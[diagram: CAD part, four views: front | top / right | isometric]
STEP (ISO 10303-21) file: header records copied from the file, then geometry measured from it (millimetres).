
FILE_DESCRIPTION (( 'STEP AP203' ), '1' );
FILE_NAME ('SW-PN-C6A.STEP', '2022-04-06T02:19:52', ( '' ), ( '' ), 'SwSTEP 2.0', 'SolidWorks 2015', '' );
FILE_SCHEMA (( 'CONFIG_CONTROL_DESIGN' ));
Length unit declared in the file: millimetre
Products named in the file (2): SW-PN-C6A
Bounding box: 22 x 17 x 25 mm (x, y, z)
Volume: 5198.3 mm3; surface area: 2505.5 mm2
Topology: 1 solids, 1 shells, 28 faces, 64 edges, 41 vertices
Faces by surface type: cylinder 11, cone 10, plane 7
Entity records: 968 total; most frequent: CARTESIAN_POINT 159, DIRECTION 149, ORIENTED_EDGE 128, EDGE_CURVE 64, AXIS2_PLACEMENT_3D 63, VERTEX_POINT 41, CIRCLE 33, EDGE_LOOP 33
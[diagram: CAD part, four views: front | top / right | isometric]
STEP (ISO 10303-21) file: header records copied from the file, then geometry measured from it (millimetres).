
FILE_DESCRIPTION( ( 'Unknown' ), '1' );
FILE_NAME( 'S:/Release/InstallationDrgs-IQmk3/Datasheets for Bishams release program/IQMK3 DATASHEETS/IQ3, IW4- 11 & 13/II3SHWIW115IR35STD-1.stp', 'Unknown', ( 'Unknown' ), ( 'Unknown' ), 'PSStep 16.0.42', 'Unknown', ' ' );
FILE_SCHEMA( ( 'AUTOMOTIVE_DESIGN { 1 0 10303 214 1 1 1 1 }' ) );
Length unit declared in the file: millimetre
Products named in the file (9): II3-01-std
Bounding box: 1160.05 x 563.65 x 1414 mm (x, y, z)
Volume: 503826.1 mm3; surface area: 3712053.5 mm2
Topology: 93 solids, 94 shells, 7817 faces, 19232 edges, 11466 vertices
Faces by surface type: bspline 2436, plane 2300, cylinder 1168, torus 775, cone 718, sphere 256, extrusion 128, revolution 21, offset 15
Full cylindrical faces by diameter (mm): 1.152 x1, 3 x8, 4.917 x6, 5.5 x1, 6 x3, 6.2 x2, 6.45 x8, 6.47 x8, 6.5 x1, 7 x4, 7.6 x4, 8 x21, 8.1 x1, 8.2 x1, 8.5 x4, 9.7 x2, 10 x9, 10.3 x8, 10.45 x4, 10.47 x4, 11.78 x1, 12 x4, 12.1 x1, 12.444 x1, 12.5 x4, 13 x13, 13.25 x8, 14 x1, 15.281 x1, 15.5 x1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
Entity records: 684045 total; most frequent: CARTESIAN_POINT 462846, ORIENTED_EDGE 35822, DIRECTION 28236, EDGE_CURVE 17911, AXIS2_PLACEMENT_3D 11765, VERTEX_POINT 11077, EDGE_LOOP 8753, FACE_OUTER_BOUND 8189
+ + + + +
* [What you are asked to do]: Print all the entries above. Keep each one exact.

* [Response for this exercise]:
[diagram: CAD part, four views: front | top / right | isometric]
STEP (ISO 10303-21) file: header records copied from the file, then geometry measured from it (millimetres).
FILE_DESCRIPTION (( 'STEP AP203' ), '1' );
FILE_NAME ('SW-PN-C6A.STEP', '2022-04-06T02:19:52', ( '' ), ( '' ), 'SwSTEP 2.0', 'SolidWorks 2015', '' );
FILE_SCHEMA (( 'CONFIG_CONTROL_DESIGN' ));
Length unit declared in the file: millimetre
Products named in the file (2): SW-PN-C6A
Bounding box: 22 x 17 x 25 mm (x, y, z)
Volume: 5198.3 mm3; surface area: 2505.5 mm2
Topology: 1 solids, 1 shells, 28 faces, 64 edges, 41 vertices
Faces by surface type: cylinder 11, cone 10, plane 7
Entity records: 968 total; most frequent: CARTESIAN_POINT 159, DIRECTION 149, ORIENTED_EDGE 128, EDGE_CURVE 64, AXIS2_PLACEMENT_3D 63, VERTEX_POINT 41, CIRCLE 33, EDGE_LOOP 33
[diagram: CAD part, four views: front | top / right | isometric]
STEP (ISO 10303-21) file: header records copied from the file, then geometry measured from it (millimetres).
FILE_DESCRIPTION( ( 'Unknown' ), '1' );
FILE_NAME( 'S:/Release/InstallationDrgs-IQmk3/Datasheets for Bishams release program/IQMK3 DATASHEETS/IQ3, IW4- 11 & 13/II3SHWIW115IR35STD-1.stp', 'Unknown', ( 'Unknown' ), ( 'Unknown' ), 'PSStep 16.0.42', 'Unknown', ' ' );
FILE_SCHEMA( ( 'AUTOMOTIVE_DESIGN { 1 0 10303 214 1 1 1 1 }' ) );
Length unit declared in the file: millimetre
Products named in the file (9): II3-01-std
Bounding box: 1160.05 x 563.65 x 1414 mm (x, y, z)
Volume: 503826.1 mm3; surface area: 3712053.5 mm2
Topology: 93 solids, 94 shells, 7817 faces, 19232 edges, 11466 vertices
Faces by surface type: bspline 2436, plane 2300, cylinder 1168, torus 775, cone 718, sphere 256, extrusion 128, revolution 21, offset 15
Full cylindrical faces by diameter (mm): 1.152 x1, 3 x8, 4.917 x6, 5.5 x1, 6 x3, 6.2 x2, 6.45 x8, 6.47 x8, 6.5 x1, 7 x4, 7.6 x4, 8 x21, 8.1 x1, 8.2 x1, 8.5 x4, 9.7 x2, 10 x9, 10.3 x8, 10.45 x4, 10.47 x4, 11.78 x1, 12 x4, 12.1 x1, 12.444 x1, 12.5 x4, 13 x13, 13.25 x8, 14 x1, 15.281 x1, 15.5 x1
Entity records: 684045 total; most frequent: CARTESIAN_POINT 462846, ORIENTED_EDGE 35822, DIRECTION 28236, EDGE_CURVE 17911, AXIS2_PLACEMENT_3D 11765, VERTEX_POINT 11077, EDGE_LOOP 8753, FACE_OUTER_BOUND 8189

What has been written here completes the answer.